The reason why the sports betting initially was tied to existing casinos, according to legislators, was language in the successful 2016 ballot that added expanded gaming at the two facilities.
According to Josh Block, a spokesman for Gov. Gina M. Raimondo: “Multiple legal opinions have affirmed that sports betting was already approved by the voters. … We remain confident that it will be upheld in court.”
‘Mr. Harrop wins this lawsuit as long as people get a right to vote in November 2020. That’s the victory.’
Joseph Larisa, Larisa Law founder and attorney
The amount of revenue at stake?
The number has been less than anticipated by the state, which included in the current fiscal year’s budget $23.5 million from sports betting.
The latest projection has the two facilities collecting about $6.5 million after expenses this fiscal year from sports betting at the two locations, according to a forecast by Christiansen Capital Advisors, an analytical group hired by the R.I. Department of Revenue.
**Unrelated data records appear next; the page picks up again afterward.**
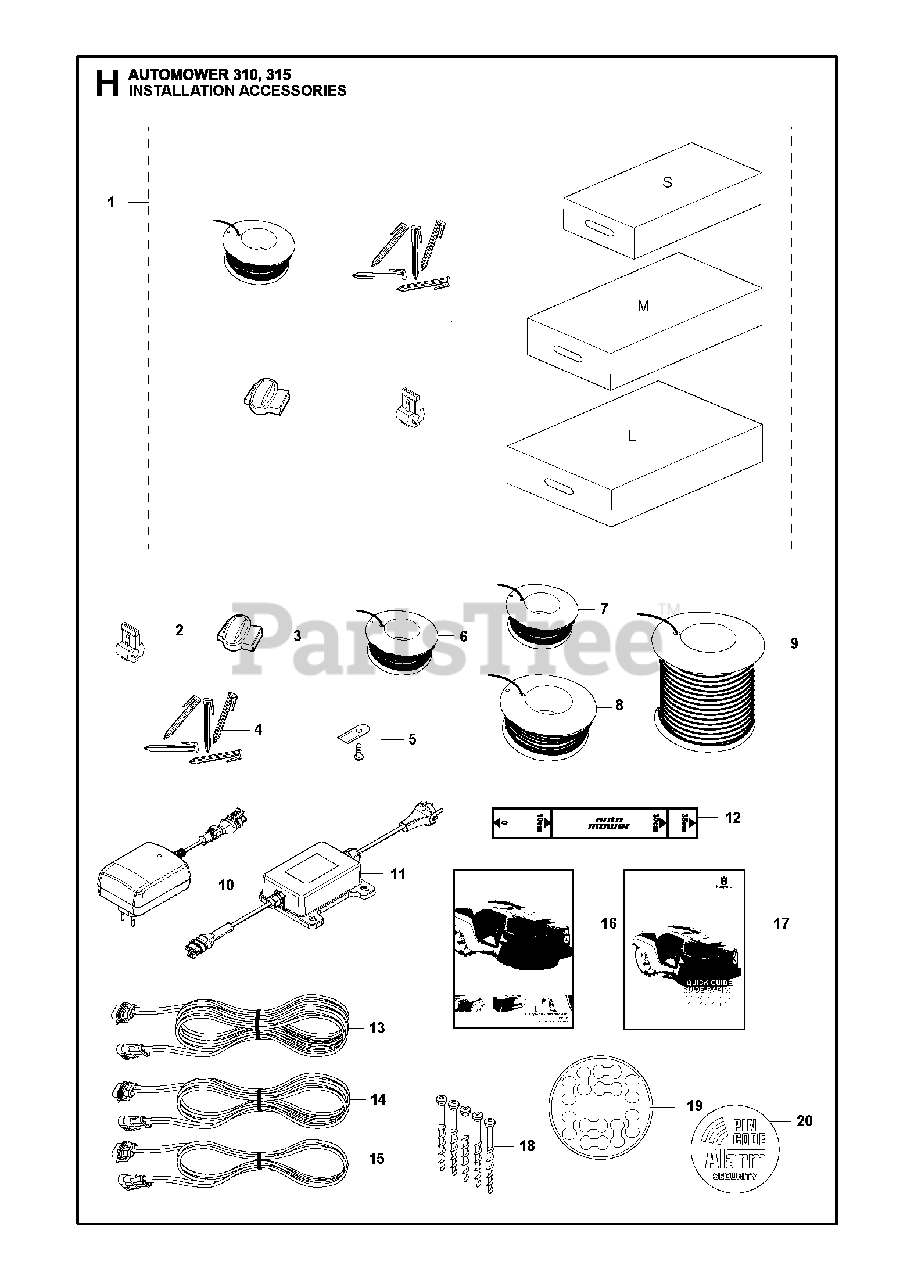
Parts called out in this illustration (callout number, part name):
1	SMALL AUTOMOWER INSTA
1	Automower Install, Medium
1	LARGE AUTOMOWER INSTA
2	BRAKER
2	Connector, 5 Pcs Blist
3	SPLICE KIT
3	Splicer Coupler, 5 Pcs
3	Splicer Coupler, 100 P
4	Staples, 100-Pack
5	Blade Set, 9 Piece
5	Blade Set, 45 Piece
5	Blade Set, 300 Piece
6	WIRE 50M STANDARD �2.7MM,BLIST
6	WIRE BOUNDARY 150M
6	WIRE 150M BLISTER
7	WIRE 250M
8	Wire, 500M
9	Wire, 800M
11	POWER UNIT US
12	RULER / CENTIMETERS
13	Cable Assembly, Low Voltage
14	Cable Assembly, Low Voltage
15	Cable Assembly, Low Voltage
18	SCREW KIT ANCHOR SCREW 5 PCS
19	STICKER CABLE MARKERS KIT 10PC
20	LABEL SECURITY

The state’s share of that is projected to be $2.6 million in fiscal 2019, which ends in July, climbing to nearly $15 million for online and on-site sports betting in fiscal 2020.
Over the next several years, Christiansen Capital Advisors suggests that sports betting will produce between $27 million and $31 million for the state.
Said Paul Grimaldi, a spokesman for the R.I. Department of Revenue: “We learned that our estimation for sports betting is achievable, though it will take longer for the market to mature.”
According to Larisa, if the court rules sports betting unconstitutional, further collections for the state will end, at least until November 2020, when the state might choose to put it on the ballot.
It wasn’t in the 2012 or 2016 ballot questions, and it wasn’t in the handbooks for voters produced for those elections.
“As a matter of law and logic, Rhode Island voters could not and did not knowingly approve a new type of gambling – sports betting,” the lawsuit states. “It was not on the ballot for good reason – until 2018, state-operated sports betting in Rhode Island, and almost all other states, would have been illegal under federal law.”
Patrick Kelly, an accounting professor at Providence College who has written several papers on gambling, said the lawsuit raises two key issues.
“I think it does raise valid concerns. The first is when the Rhode Island voters voted in terms of expansion of gambling, sports betting was not a possibility because it was illegal under federal law.”
The second, he said, is that sports betting itself could be considered a different kind of gambling, because it involves the performance of players rather than chance. “Arguable, sports betting has a fair amount to do with the performance of the players. That’s an interesting point.”